(Beginning of RECORDS FOR PROCESSING)

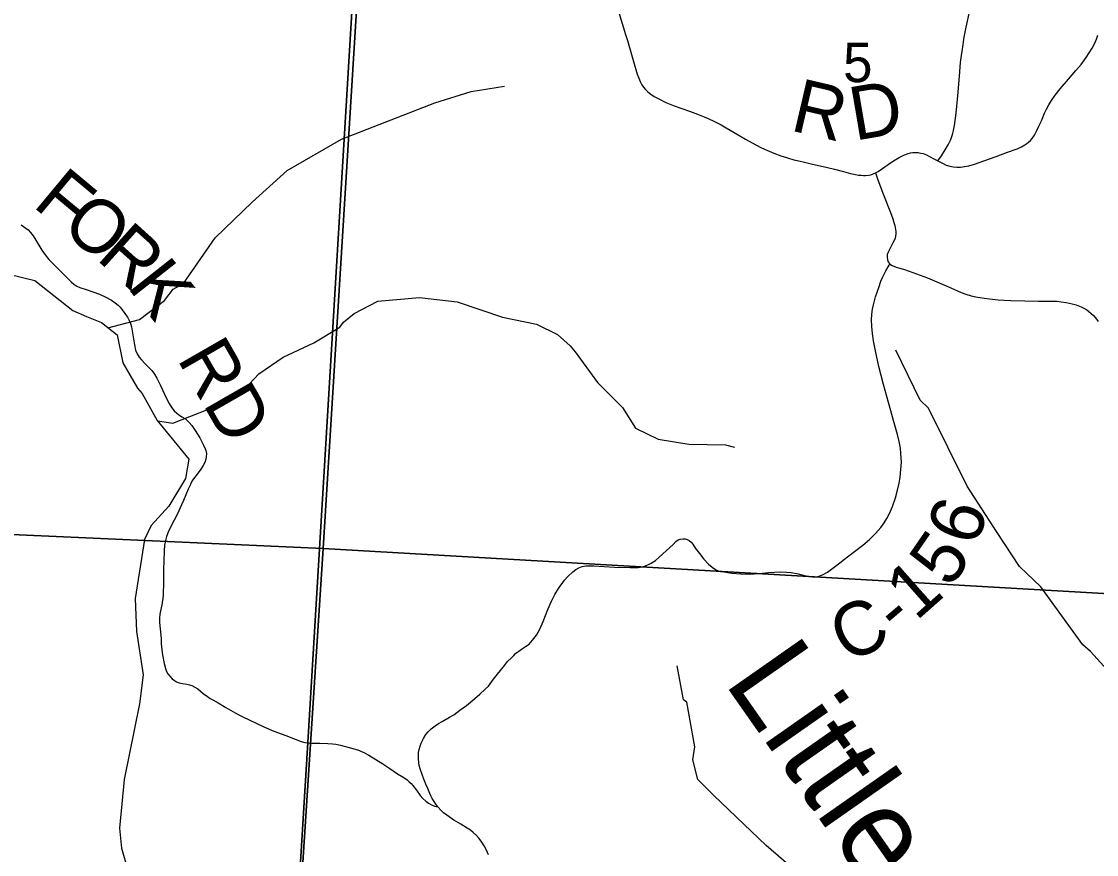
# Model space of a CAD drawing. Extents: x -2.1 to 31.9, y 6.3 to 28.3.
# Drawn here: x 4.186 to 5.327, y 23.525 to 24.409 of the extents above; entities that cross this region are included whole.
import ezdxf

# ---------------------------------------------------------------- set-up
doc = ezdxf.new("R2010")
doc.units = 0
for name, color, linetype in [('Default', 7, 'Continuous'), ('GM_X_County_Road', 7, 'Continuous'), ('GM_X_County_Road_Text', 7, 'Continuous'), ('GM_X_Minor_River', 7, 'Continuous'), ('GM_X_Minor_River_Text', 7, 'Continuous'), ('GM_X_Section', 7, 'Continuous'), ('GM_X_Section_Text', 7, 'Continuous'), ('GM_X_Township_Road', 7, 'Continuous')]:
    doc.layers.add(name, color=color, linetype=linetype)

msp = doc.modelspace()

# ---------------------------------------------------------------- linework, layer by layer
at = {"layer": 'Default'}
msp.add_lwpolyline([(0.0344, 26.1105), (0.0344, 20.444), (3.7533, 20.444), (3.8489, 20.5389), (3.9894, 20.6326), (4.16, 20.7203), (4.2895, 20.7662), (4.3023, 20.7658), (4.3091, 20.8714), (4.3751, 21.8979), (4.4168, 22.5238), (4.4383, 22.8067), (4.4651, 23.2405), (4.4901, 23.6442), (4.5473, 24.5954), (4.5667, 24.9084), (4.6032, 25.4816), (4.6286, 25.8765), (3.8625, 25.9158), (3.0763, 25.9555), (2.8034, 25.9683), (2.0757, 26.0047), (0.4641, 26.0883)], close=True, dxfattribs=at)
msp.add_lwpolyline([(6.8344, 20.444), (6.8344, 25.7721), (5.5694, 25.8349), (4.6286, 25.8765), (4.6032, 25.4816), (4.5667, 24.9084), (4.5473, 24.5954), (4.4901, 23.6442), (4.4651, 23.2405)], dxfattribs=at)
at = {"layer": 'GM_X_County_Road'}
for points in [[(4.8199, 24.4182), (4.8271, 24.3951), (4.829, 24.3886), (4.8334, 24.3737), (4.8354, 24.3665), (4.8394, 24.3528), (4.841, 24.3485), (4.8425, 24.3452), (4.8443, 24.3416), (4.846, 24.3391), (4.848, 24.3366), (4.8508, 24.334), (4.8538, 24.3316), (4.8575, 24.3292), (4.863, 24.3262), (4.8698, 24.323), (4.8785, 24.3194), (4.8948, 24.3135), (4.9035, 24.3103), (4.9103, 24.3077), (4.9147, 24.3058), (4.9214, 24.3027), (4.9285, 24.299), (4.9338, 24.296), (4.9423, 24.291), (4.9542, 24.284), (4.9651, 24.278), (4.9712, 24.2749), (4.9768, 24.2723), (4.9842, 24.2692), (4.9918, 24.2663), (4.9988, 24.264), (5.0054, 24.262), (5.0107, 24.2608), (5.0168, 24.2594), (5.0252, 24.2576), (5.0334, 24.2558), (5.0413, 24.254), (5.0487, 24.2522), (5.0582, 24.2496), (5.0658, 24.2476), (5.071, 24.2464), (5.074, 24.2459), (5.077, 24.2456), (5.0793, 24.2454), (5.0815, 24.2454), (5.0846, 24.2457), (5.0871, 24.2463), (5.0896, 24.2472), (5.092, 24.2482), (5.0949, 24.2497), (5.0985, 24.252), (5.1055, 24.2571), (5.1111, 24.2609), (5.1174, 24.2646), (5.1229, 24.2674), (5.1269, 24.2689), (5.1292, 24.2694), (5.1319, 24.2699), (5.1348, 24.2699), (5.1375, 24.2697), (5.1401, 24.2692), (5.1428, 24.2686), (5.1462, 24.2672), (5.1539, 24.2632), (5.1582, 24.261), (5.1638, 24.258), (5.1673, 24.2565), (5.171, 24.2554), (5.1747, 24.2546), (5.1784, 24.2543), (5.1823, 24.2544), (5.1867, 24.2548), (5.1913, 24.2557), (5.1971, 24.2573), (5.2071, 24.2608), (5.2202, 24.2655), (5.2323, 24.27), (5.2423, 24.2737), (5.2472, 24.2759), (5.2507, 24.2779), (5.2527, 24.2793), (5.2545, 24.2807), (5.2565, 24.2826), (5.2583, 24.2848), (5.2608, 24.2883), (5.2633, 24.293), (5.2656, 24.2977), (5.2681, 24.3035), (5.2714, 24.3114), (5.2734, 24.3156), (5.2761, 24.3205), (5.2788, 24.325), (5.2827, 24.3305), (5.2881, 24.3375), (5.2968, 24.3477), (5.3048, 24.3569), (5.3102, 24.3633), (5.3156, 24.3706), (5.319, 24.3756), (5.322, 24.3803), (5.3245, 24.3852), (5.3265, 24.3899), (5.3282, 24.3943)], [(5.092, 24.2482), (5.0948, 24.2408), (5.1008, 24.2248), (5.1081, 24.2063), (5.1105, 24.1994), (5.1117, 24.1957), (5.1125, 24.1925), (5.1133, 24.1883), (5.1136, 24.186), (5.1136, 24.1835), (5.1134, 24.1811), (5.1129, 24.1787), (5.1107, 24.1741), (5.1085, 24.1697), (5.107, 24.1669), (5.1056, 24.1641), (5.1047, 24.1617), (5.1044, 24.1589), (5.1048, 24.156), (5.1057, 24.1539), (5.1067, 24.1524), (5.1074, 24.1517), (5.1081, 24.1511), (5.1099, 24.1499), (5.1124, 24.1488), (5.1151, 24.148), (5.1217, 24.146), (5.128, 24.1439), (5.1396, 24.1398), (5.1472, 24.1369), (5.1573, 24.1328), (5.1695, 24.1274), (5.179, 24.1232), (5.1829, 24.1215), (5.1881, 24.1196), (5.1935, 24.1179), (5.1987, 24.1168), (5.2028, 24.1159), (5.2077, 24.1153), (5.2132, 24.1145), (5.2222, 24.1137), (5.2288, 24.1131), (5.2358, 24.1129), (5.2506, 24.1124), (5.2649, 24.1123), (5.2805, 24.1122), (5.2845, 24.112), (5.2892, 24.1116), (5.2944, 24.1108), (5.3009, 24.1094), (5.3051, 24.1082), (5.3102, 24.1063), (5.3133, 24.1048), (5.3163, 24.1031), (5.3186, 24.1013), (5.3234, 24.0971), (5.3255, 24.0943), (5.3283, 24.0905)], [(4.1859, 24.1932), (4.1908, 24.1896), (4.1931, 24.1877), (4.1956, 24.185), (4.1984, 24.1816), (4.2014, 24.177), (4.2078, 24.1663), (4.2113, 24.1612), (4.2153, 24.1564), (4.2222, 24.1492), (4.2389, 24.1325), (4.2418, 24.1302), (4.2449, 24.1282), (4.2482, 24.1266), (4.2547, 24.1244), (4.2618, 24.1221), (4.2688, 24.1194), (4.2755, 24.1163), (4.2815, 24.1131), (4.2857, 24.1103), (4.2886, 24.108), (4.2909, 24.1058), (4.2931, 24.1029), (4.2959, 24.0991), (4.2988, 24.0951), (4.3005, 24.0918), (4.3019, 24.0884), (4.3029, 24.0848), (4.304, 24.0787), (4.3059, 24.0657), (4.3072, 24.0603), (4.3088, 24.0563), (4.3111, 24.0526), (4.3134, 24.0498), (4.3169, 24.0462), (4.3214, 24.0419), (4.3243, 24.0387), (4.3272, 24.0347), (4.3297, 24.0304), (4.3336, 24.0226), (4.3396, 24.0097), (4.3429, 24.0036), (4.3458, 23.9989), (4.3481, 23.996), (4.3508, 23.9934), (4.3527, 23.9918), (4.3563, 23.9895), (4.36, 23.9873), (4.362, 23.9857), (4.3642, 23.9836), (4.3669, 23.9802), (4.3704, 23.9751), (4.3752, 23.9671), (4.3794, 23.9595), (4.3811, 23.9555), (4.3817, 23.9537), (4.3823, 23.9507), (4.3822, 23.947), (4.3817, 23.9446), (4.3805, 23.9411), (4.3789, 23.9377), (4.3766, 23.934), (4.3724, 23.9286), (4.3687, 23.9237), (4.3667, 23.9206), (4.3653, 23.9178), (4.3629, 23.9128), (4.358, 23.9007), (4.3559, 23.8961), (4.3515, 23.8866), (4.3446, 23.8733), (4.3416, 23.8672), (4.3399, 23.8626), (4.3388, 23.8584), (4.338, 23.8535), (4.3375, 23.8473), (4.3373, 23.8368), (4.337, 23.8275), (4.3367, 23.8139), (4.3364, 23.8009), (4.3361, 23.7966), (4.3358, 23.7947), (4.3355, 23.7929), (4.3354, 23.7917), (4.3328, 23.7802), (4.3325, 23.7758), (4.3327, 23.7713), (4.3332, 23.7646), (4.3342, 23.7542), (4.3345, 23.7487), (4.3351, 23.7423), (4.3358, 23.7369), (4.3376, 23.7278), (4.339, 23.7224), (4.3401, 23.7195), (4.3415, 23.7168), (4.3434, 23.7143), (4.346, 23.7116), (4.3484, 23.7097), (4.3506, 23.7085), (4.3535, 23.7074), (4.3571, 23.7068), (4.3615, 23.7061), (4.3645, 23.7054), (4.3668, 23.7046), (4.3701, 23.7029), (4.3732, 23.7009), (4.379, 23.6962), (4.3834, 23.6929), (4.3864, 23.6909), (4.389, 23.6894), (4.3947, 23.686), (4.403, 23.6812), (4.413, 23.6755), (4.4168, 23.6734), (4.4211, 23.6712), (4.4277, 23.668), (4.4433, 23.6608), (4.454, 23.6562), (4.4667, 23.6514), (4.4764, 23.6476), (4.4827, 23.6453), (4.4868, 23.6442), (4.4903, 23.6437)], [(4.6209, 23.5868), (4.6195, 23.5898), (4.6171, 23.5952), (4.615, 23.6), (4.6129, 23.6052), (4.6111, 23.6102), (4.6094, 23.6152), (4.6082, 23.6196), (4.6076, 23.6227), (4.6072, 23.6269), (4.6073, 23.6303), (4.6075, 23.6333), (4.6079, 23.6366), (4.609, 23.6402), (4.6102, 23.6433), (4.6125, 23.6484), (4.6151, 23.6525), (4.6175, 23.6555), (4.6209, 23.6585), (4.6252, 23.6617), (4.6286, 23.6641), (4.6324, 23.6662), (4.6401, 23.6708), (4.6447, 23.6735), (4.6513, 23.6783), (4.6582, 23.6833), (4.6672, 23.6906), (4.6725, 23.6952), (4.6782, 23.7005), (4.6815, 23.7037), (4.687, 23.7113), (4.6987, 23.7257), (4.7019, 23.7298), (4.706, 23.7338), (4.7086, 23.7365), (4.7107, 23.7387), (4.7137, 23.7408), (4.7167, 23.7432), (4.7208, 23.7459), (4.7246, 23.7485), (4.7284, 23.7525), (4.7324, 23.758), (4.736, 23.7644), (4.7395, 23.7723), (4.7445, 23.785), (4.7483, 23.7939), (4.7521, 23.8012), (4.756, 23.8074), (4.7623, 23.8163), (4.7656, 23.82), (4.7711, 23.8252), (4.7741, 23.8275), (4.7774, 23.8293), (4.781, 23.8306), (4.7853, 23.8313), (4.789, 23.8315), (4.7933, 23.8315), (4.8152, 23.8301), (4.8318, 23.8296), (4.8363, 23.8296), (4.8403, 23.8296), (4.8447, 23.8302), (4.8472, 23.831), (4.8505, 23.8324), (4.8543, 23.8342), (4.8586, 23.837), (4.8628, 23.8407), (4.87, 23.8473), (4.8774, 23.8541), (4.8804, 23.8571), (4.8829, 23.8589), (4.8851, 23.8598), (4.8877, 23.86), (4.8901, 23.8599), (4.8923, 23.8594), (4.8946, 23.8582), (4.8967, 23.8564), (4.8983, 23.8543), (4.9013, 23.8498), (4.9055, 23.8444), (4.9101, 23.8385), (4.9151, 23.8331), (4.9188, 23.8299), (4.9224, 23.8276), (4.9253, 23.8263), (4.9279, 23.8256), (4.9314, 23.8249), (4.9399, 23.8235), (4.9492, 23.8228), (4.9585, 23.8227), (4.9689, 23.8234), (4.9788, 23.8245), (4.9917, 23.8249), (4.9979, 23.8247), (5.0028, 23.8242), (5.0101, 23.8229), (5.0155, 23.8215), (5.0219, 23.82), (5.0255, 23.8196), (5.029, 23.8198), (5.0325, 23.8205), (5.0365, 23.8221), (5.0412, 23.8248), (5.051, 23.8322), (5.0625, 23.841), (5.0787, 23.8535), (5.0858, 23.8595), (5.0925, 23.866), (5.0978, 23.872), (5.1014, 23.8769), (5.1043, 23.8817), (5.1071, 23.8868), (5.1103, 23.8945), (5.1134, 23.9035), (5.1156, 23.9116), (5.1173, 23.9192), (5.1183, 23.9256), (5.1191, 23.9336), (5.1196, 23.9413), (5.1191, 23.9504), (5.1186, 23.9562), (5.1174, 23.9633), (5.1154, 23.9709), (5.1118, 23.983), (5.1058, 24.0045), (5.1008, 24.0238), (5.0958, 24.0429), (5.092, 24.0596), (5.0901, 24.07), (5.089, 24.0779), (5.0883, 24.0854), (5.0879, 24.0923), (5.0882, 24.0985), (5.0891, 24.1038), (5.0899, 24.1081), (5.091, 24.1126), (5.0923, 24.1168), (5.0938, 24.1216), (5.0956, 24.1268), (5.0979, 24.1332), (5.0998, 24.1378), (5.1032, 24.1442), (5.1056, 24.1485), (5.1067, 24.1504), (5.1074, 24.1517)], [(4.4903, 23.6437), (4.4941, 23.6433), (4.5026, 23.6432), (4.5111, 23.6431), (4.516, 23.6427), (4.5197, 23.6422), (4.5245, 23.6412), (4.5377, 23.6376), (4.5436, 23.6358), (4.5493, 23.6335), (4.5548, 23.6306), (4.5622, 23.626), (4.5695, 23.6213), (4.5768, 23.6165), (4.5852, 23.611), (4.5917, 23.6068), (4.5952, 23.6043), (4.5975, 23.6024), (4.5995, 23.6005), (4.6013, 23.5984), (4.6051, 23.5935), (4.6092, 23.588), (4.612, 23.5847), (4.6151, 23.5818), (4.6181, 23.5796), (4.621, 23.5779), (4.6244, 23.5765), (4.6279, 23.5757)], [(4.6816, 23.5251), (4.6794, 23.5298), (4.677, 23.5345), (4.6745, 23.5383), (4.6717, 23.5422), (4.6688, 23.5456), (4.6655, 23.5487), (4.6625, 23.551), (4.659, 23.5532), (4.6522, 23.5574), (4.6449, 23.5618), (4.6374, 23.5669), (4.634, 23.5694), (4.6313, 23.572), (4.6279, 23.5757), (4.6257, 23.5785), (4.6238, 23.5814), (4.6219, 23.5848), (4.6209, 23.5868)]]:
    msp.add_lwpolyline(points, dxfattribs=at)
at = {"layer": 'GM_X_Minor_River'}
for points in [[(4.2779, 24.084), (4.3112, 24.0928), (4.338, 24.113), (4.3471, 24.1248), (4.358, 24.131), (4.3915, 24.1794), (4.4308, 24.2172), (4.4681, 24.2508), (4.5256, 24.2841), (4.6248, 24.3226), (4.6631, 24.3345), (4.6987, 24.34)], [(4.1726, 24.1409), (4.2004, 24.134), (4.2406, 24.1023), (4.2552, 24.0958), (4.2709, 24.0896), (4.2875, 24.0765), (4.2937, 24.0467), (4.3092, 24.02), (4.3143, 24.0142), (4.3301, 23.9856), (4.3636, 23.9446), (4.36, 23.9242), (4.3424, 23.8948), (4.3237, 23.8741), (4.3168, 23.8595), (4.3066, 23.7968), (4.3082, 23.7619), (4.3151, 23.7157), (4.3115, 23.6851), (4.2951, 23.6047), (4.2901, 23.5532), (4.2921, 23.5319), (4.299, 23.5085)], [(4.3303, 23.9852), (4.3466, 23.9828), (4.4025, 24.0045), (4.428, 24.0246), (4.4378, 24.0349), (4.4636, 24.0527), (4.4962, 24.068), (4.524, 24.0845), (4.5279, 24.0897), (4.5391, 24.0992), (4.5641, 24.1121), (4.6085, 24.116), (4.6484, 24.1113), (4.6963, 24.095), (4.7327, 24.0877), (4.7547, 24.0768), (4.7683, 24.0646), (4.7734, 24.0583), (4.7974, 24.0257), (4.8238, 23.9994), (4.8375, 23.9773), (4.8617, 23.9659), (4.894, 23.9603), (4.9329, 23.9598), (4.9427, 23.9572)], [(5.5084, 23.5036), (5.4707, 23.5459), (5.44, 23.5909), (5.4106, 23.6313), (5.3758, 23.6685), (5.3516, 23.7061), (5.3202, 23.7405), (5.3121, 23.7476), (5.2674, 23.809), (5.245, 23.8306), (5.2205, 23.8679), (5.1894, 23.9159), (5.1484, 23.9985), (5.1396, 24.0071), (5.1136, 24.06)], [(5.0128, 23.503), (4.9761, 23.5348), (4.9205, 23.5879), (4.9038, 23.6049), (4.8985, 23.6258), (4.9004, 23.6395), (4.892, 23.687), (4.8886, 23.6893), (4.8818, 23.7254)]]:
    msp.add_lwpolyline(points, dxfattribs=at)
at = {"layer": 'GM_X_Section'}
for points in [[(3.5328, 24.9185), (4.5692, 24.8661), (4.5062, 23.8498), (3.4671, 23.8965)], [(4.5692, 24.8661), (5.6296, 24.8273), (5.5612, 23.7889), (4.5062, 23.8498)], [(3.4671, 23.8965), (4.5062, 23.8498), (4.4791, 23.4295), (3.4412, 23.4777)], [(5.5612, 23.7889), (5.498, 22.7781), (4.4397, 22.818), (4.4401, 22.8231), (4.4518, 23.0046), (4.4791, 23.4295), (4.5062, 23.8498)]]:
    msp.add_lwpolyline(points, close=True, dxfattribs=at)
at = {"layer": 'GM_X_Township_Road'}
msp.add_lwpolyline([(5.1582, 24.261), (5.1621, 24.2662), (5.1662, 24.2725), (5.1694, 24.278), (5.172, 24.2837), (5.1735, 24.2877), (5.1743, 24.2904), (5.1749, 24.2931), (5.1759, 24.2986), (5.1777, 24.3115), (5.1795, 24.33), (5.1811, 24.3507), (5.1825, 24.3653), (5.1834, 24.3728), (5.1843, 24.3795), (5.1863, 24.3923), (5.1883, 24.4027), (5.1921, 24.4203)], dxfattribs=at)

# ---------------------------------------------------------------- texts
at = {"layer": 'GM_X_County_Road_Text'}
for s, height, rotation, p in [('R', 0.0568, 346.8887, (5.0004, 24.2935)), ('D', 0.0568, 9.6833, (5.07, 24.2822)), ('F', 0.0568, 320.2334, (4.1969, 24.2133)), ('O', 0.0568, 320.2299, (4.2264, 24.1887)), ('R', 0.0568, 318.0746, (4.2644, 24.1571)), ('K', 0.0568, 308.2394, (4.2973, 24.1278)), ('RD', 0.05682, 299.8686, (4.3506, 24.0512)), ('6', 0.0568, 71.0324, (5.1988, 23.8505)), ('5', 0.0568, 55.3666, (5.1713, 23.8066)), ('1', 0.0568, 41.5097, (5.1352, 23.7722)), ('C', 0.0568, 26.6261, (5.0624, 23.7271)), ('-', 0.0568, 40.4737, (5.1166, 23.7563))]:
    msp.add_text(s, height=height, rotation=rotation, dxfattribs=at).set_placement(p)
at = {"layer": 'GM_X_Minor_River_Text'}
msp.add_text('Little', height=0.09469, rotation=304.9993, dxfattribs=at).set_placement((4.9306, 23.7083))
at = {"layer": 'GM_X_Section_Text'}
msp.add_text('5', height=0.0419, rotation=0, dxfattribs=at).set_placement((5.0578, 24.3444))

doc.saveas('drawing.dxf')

(End of RECORDS FOR PROCESSING)

**DIRECTIONS FOR THIS TASK**
Above are entries; state the number of lines among them that contain "drawing", and nothing else.

**RESPONSE FOR THIS EXERCISE**
2